# Bug de proteus con SPI??



## MerLiNz (Ago 5, 2011)

Buenas, pues llevo 3 dias, si 3 dias liado con un proyecto que se basa en la comunicacion de 2 pics (18f4550).

El problema esta en que al simularlo con el isis "cuando le da la gana" el proteus al leer el SPI interpreta 0xFF en vez de 0x03 que es lo que le tengo puesto. Despues de darle muchas vueltas, probar varias formas, dejarlo lo mas simple posible, ha sido imposible lograr quitar este fallo por lo cual me da la sensacion que es del proteus.

Os explico y os pongo informacion para ver si a alguien le ha pasado:
El maestro envia 0x03 (esto lo hace en un bucle, con su delay (ya he probado ponerlo mas o menos y nada)) el esclavo unicamente tiene una interrupcion SSPIF para que cuando recibe el dato en SSPBUF descargarlo (asi se evita que se active el flag SSPOV).

Es simple: entra en interrupcion, descarga el SSPBUF, borra flag de interrupcion.

Pues bien, en el maestro tengo un breakpoint para que si el dato es distinto de 0x03 el programa se pause, asi puedo observar todo.

El programa funciona bien excepto que algunas veces a los pocos segundos de activarlo, y otras veces a los pocos minutos recibe 0xFF, en este momento ningun flag de WCOL ni SSPOV se activan. En el osciloscopio del isis puedo observar en ese momento una trama un tanto rara, el primer SCK es muy pequeño, y los demas SCK son correctos, pongo una imagen para que lo veais.


La ralla en rojo es a lo que me refiero

Esto es con 15Mhz (he probado en varias velocidades tambien). Si pongo 48Mhz que es lo que quiero realmente, la trama que falla es tan pequeña que solo se puede ver poniendo una escala de 5ns, (las demas tramas se ven bien con 10us) y se ve como una señal triangular. Es decir, se ven 8 periodos de SCK en forma triangular y sus bits tambien en triangular.

Todo esto es muy extraño, porque mira que pase siempre, pero que pase lo mismo 5 segundos que 2 minutos pues me resulta muy raro. El proteus es el 7.8 SP2, probe con el 7.7SP2 y nada lo mismo, ya no se que pensar... Porque me esta volviendo loco.

-------------

Pues si, se ve que es un bug, he buscado en google y he encontrado varias personas con el mismo problema, todos afirman que es un bug porque un ciclo del reloj del SPI "desaparece misteriosamente"

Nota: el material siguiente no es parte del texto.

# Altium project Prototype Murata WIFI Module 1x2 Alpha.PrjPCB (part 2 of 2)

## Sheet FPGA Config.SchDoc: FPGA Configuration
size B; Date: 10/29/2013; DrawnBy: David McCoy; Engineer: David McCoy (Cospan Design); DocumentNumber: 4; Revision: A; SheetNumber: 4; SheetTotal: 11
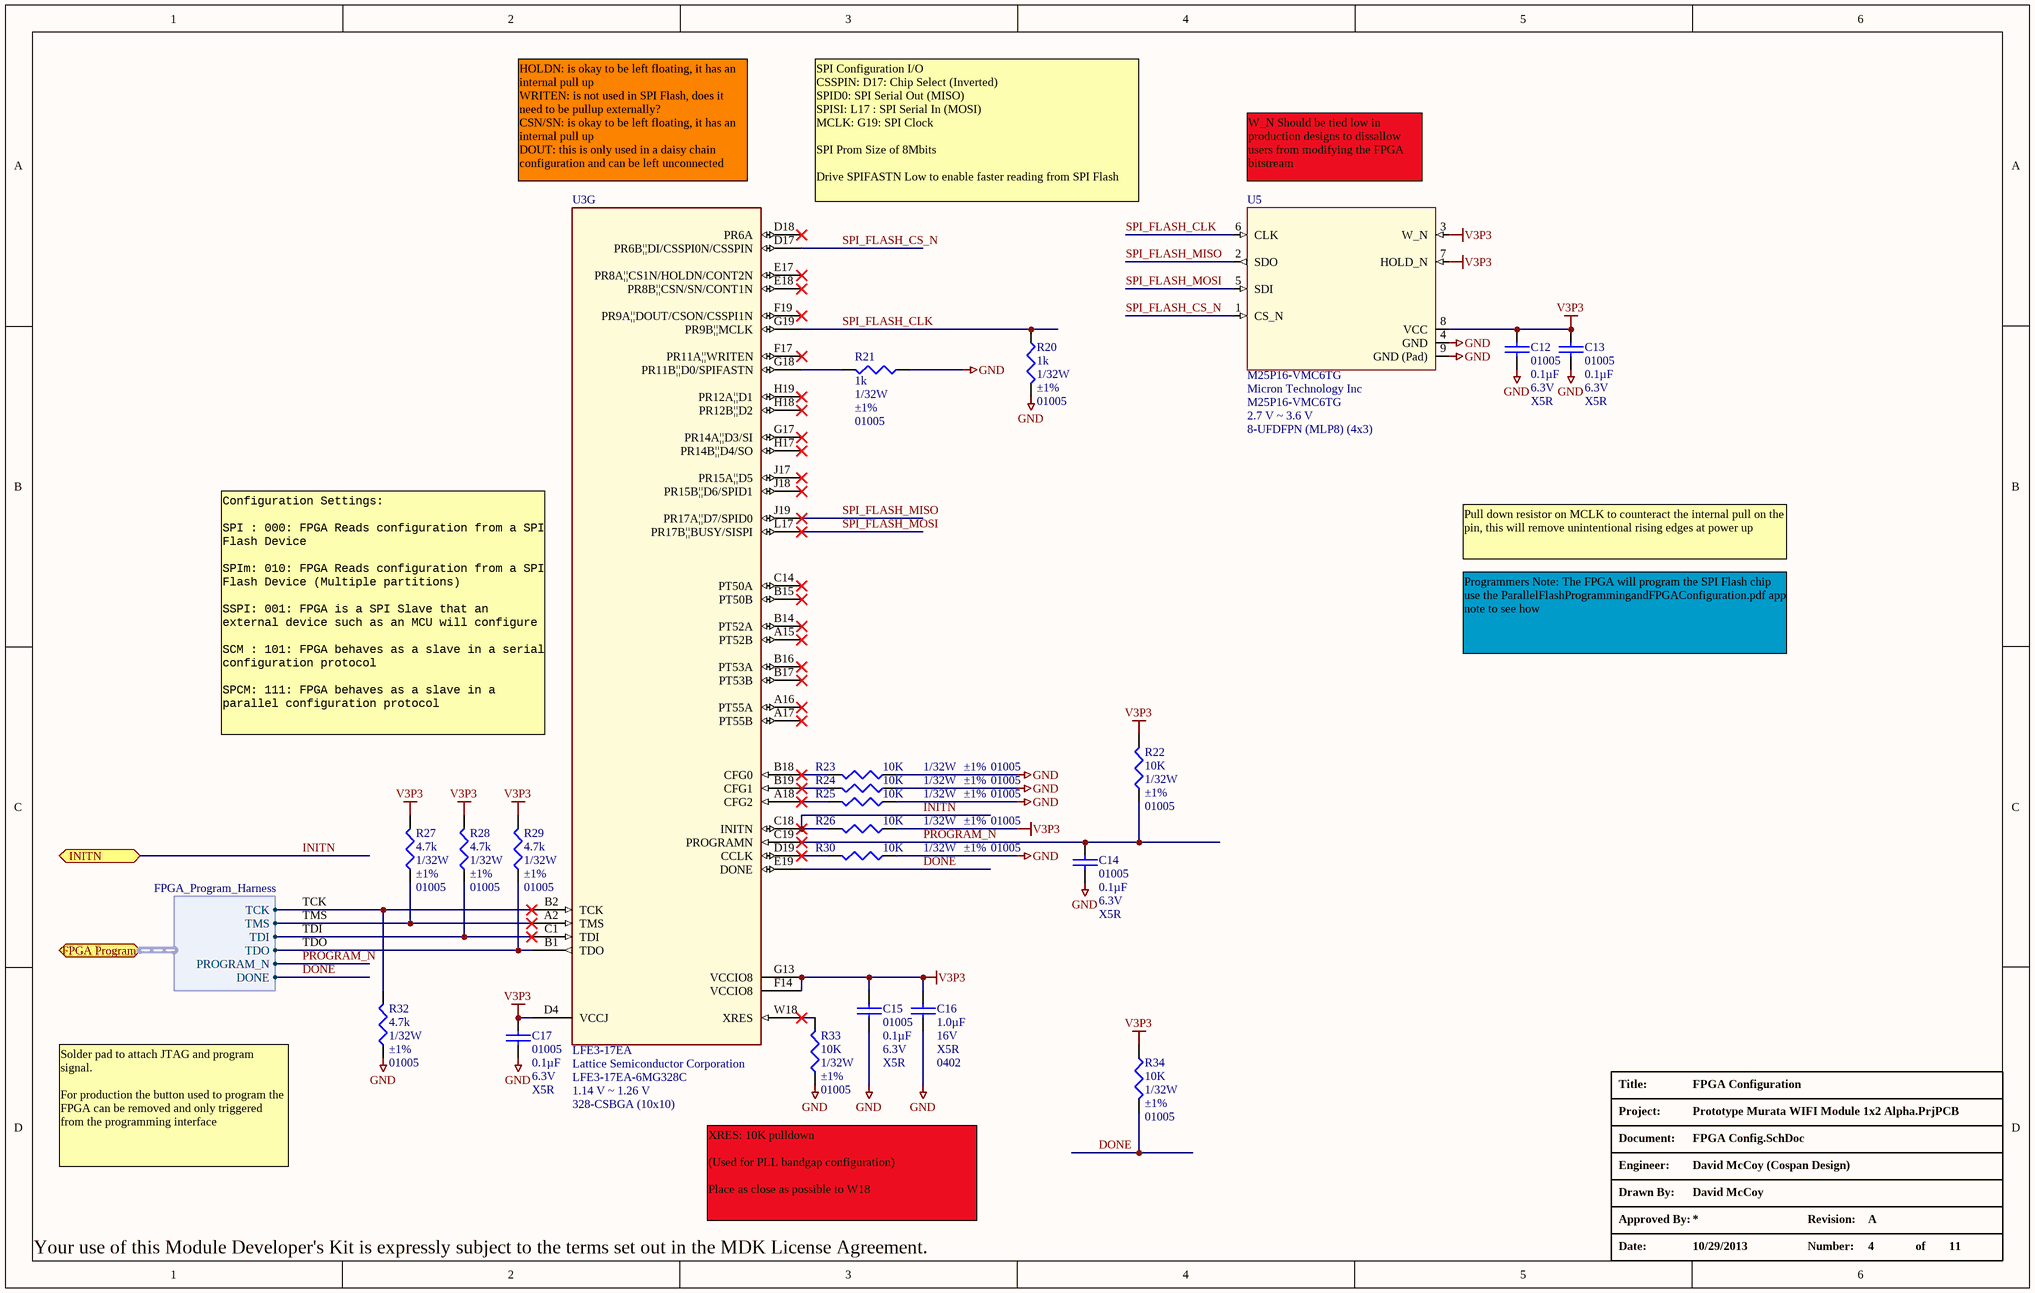
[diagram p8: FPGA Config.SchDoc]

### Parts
C12  Package / Case: 01005  Capacitance: 0.1µF  Voltage - Rated: 6.3V  Temperature Coefficient: X5R  [C_01005]  (hidden comment: 0.1uF)
C13  Package / Case: 01005  Capacitance: 0.1µF  Voltage - Rated: 6.3V  Temperature Coefficient: X5R  [C_01005]  (hidden comment: 0.1uF)
C14  Package / Case: 01005  Capacitance: 0.1µF  Voltage - Rated: 6.3V  Temperature Coefficient: X5R  [C_01005]  (hidden comment: 0.1uF)
C15  Package / Case: 01005  Capacitance: 0.1µF  Voltage - Rated: 6.3V  Temperature Coefficient: X5R  [C_01005]  (hidden comment: 0.1uF)
C16  Capacitance: 1.0µF  Voltage - Rated: 16V  Temperature Coefficient: X5R  Package / Case: 0402  [C_ERA-0402]  (hidden comment: 1.0uF)
C17  Package / Case: 01005  Capacitance: 0.1µF  Voltage - Rated: 6.3V  Temperature Coefficient: X5R  [C_01005]  (hidden comment: 0.1uF)
R20  Power (Watts): 1/32W  Tolerance: ±1%  Case: 01005  [R_01005]  (hidden comment: 1k)
R21  Power (Watts): 1/32W  Tolerance: ±1%  Case: 01005  [R_01005]  (hidden comment: 1k)
R22  Power (Watts): 1/32W  Tolerance: ±1%  Case: 01005  [R_01005]  (hidden comment: 10K)
R23  Power (Watts): 1/32W  Tolerance: ±1%  Case: 01005  [R_01005]  (hidden comment: 10K)
R24  Power (Watts): 1/32W  Tolerance: ±1%  Case: 01005  [R_01005]  (hidden comment: 10K)
R25  Power (Watts): 1/32W  Tolerance: ±1%  Case: 01005  [R_01005]  (hidden comment: 10K)
R26  Power (Watts): 1/32W  Tolerance: ±1%  Case: 01005  [R_01005]  (hidden comment: 10K)
R27  Power (Watts): 1/32W  Tolerance: ±1%  Case: 01005  [R_01005]  (hidden comment: 4.7k)
R28  Power (Watts): 1/32W  Tolerance: ±1%  Case: 01005  [R_01005]  (hidden comment: 4.7k)
R29  Power (Watts): 1/32W  Tolerance: ±1%  Case: 01005  [R_01005]  (hidden comment: 4.7k)
R30  Power (Watts): 1/32W  Tolerance: ±1%  Case: 01005  [R_01005]  (hidden comment: 10K)
R32  Power (Watts): 1/32W  Tolerance: ±1%  Case: 01005  [R_01005]  (hidden comment: 4.7k)
R33  Power (Watts): 1/32W  Tolerance: ±1%  Case: 01005  [R_01005]  (hidden comment: 10K)
R34  Power (Watts): 1/32W  Tolerance: ±1%  Case: 01005  [R_01005]  (hidden comment: 10K)
U3  LFE3-17EA  Manufacturer: Lattice Semiconductor Corporation  Manufacturer Part Number: LFE3-17EA-6MG328C  Voltage - Supply: 1.14 V ~ 1.26 V  Supplier Device Package: 328-CSBGA (10x10)  [BGA328C50P19X19_1000X1000X150]  (part G of 10)
U5  M25P16-VMC6TG  Manufacturer: Micron Technology Inc  Voltage - Supply: 2.7 V ~ 3.6 V  Supplier Device Package: 8-UFDFPN (MLP8) (4x3)  [UFDFN8]

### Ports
FPGA Program (harness FPGA_Program_Harness), INITN

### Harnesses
FPGA_Program_Harness: TCK, TMS, TDI, TDO, PROGRAM_N, DONE

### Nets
GND: C12.2 C13.2 C14.2 C15.2 C16.1 C17.2 R20.1 R21.2 R23.2 R24.2 R25.2 R30.2 R32.2 R33.2 U5.4(GND) U5.9(GND_(Pad))
V3P3: C12.1 C13.1 C15.1 C16.2 C17.1 R22.1 R26.2 R27.1 R28.1 R29.1 R34.2 U3.D4(VCCJ) U3.F14(VCCIO8) U3.G13(VCCIO8) U5.3(W_N) U5.7(HOLD_N) U5.8(VCC)
DONE: R34.1 U3.E19(DONE) ; port FPGA Program.DONE
INITN: R26.1 U3.C18(INITN) ; port INITN
PROGRAM_N: C14.1 R22.2 U3.C19(PROGRAMN) ; port FPGA Program.PROGRAM_N
SPI_FLASH_CLK: R20.2 U3.G19(PR9B¦¦MCLK) U5.6(CLK)
SPI_FLASH_CS_N: U3.D17(PR6B¦¦DI/CSSPI0N/CSSPIN) U5.1(CS_N)
SPI_FLASH_MISO: U3.J19(PR17A¦¦D7/SPID0) U5.2(SDO)
SPI_FLASH_MOSI: U3.L17(PR17B¦¦BUSY/SISPI) U5.5(SDI)
TCK: R32.1 U3.B2(TCK) ; port FPGA Program.TCK
TDI: R28.2 U3.C1(TDI) ; port FPGA Program.TDI
TDO: R29.2 U3.B1(TDO) ; port FPGA Program.TDO
TMS: R27.2 U3.A2(TMS) ; port FPGA Program.TMS
NetR21_1: R21.1 U3.G18(PR11B¦¦D0/SPIFASTN)
NetR23_1: R23.1 U3.B18(CFG0)
NetR24_1: R24.1 U3.B19(CFG1)
NetR25_1: R25.1 U3.A18(CFG2)
NetR30_1: R30.1 U3.D19(CCLK)
NetR33_1: R33.1 U3.W18(XRES)

Not connected (* = marked no-connect by the designer): U3 A15(PT52B)* A16(PT55A)* A17(PT55B)* B14(PT52A)* B15(PT50B)* B16(PT53A)* B17(PT53B)* C14(PT50A)* D18(PR6A)* E17(PR8A¦¦CS1N/HOLDN/CONT2N)* E18(PR8B¦¦CSN/SN/CONT1N)* F17(PR11A¦¦WRITEN)* F19(PR9A¦¦DOUT/CSON/CSSPI1N)* G17(PR14A¦¦D3/SI)* H17(PR14B¦¦D4/SO)* H18(PR12B¦¦D2)* H19(PR12A¦¦D1)* J17(PR15A¦¦D5)* J18(PR15B¦¦D6/SPID1)*

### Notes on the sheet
- HOLDN: is okay to be left floating, it has an internal pull up
  WRITEN: is not used in SPI Flash, does it need to be pullup externally?
  CSN/SN: is okay to be left floating, it has an internal pull up
  DOUT: this is only used in a daisy chain configuration and can be left unconnected
- SPI Configuration I/O
  CSSPIN: D17: Chip Select (Inverted)
  SPID0: SPI Serial Out (MISO)
  SPISI: L17 : SPI Serial In (MOSI)
  MCLK: G19: SPI Clock
  SPI Prom Size of 8Mbits
  Drive SPIFASTN Low to enable faster reading from SPI Flash
- W_N Should be tied low in production designs to dissallow users from modifying the FPGA bitstream
- Pull down resistor on MCLK to counteract the internal pull on the pin, this will remove unintentional rising edges at power up
- Programmers Note: The FPGA will program the SPI Flash chip use the ParallelFlashProgrammingandFPGAConfiguration.pdf app note to see how
- (near U3) Configuration Settings:
  SPI : 000: FPGA Reads configuration from a SPI Flash Device
  SPIm: 010: FPGA Reads configuration from a SPI Flash Device (Multiple partitions)
  SSPI: 001: FPGA is a SPI Slave that an external device such as an MCU will configure
  SCM : 101: FPGA behaves as a slave in a serial configuration protocol
  SPCM: 111: FPGA behaves as a slave in a parallel configuration protocol
- Solder pad to attach JTAG and program signal.
  For production the button used to program the FPGA can be removed and only triggered from the programming interface
- XRES: 10K pulldown
  (Used for PLL bandgap configuration)
  Place as close as possible to W18

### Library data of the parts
C12-C15 C17 = C_01005_0.1uF: CAP CER 0.1UF 6.3V 20% X5R 01005; Manufacturer: TDK Corporation; Manufacturer Part Number: C0402X5R0J104M020BC
C16 = C_0402_1.0UF_16V: CAP CER 1.0UF 16V X5R 0402; Manufacturer: TDK Corporation; Manufacturer Part Number: C1005X5R1C105K; Tolerance: ±10%
R20 R21 = R_01005_1k: RES 1K OHM 1/32W 1% 01005 SM; Manufacturer: Panasonic Electronic Components; Manufacturer Part Number: ERJ-XGNF1001Y; Temperature Coefficient: ±200ppm/°C
R22-R26 R30 R33 R34 = R_01005_10K: RES 10K OHM 1/32W 1% 01005; Manufacturer: Samsung Electro-Mechanics America, Inc; Manufacturer Part Number: RC0402F103CS; Temperature Coefficient: ±250ppm/°C
R27-R29 R32 = R_01005_4.7k: RES 4.7K OHM 1/32W 1% 01005 SMD; Manufacturer: Yageo; Manufacturer Part Number: RC0100FR-074K7L; Temperature Coefficient: ±250ppm/°C
U3 = U_LFE3-17EA-MG328: IC FPGA 17KLUTS 116I/O 328-BGA; SPLIT_INST: TRUE; SWAP_INFO: (S1+S2+S3+S4+S5+S6+S7+S8+S9+S10); Number of LABs/CLBs: 2125; Number of Logic Elements/Cells: 17000; Total RAM Bits: 716800; Number of I /O: 116
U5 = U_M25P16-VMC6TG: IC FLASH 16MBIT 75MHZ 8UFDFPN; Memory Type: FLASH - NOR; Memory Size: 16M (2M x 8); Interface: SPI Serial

http://www.edaboard.com/thread198007.html
http://forum.sparkfun.com/viewtopic.php?=&p=18766


----------



## pandacba (Ago 5, 2011)

Porque no te pones en contacto con el equipo técnico del software? muchas veces se esperan milagros de los simuladores y son solo eso, simulan y su simulación por alli puede estar alejada de la verdad

Porque no intentas implementar la aplicación siempre es lo mejor

Es un error en queres hacer todo via un simulador


----------



## MerLiNz (Ago 5, 2011)

Quiza les mande un mail solo para advertirselo, porque es pirata y no espero ningun soporte tecnico 

Lo hago via simulador para ir corrigiendo sobre la marcha, pudiendo hacerlo mas rapido ya que ir compilando y cargando en el pic es mas lento, la parte del SPI es una entre otra mas grande.


----------



## pandacba (Ago 5, 2011)

Si esa parte, es asi si no es muy tedioso, pero es evidente que hay tantas situaciones que no todas estan soportadas o algunas combinaciones, por lo que si la simulación no va no queda otra que hacer la prueba

Por otro lado no pidas asistencia, si no como curiosidad que has visto ese problema trabajando en la  casa de un amigo, como a ellos les interesa resolver problemas, no te preguntaran demasiado acerca de detalles del soft, salvo que versión y en que máquina lo estas corriendo, memoria etc

Haz la prueba no pierdes nada


----------



## MerLiNz (Ago 5, 2011)

Como actualmente esta la 7.9 y yo llevo la 7.8 no dire nada ya que puede estar arreglado en la 7.9, aun asi intentare buscar la 7.9 a ver si me funciona bien


----------



## R-Mario (Ago 5, 2011)

Te paso mi experiencia con proteus.

Simplemente sirve para darte una pequeña idea, si de verdad vas hacer un proyecto mejor hazlo real, te cuento que yo tube muchos problemas con el bus I2C el SPI y hasta con el USART de los micros AVR, en este ultimo me di cuenta que no invertia la señal TX como deberia invertirla segun la datasheet del amtega8, la solucion en la simulacion colocar un inversor, solucion en la vida real nada. Jeje y me llevo 10 horas darme cuenta todo por flojo y no ensamblarlo, yo envie un correo solo por mandarles chamba a los programadores jejej igual que tu el mio es piñaton


----------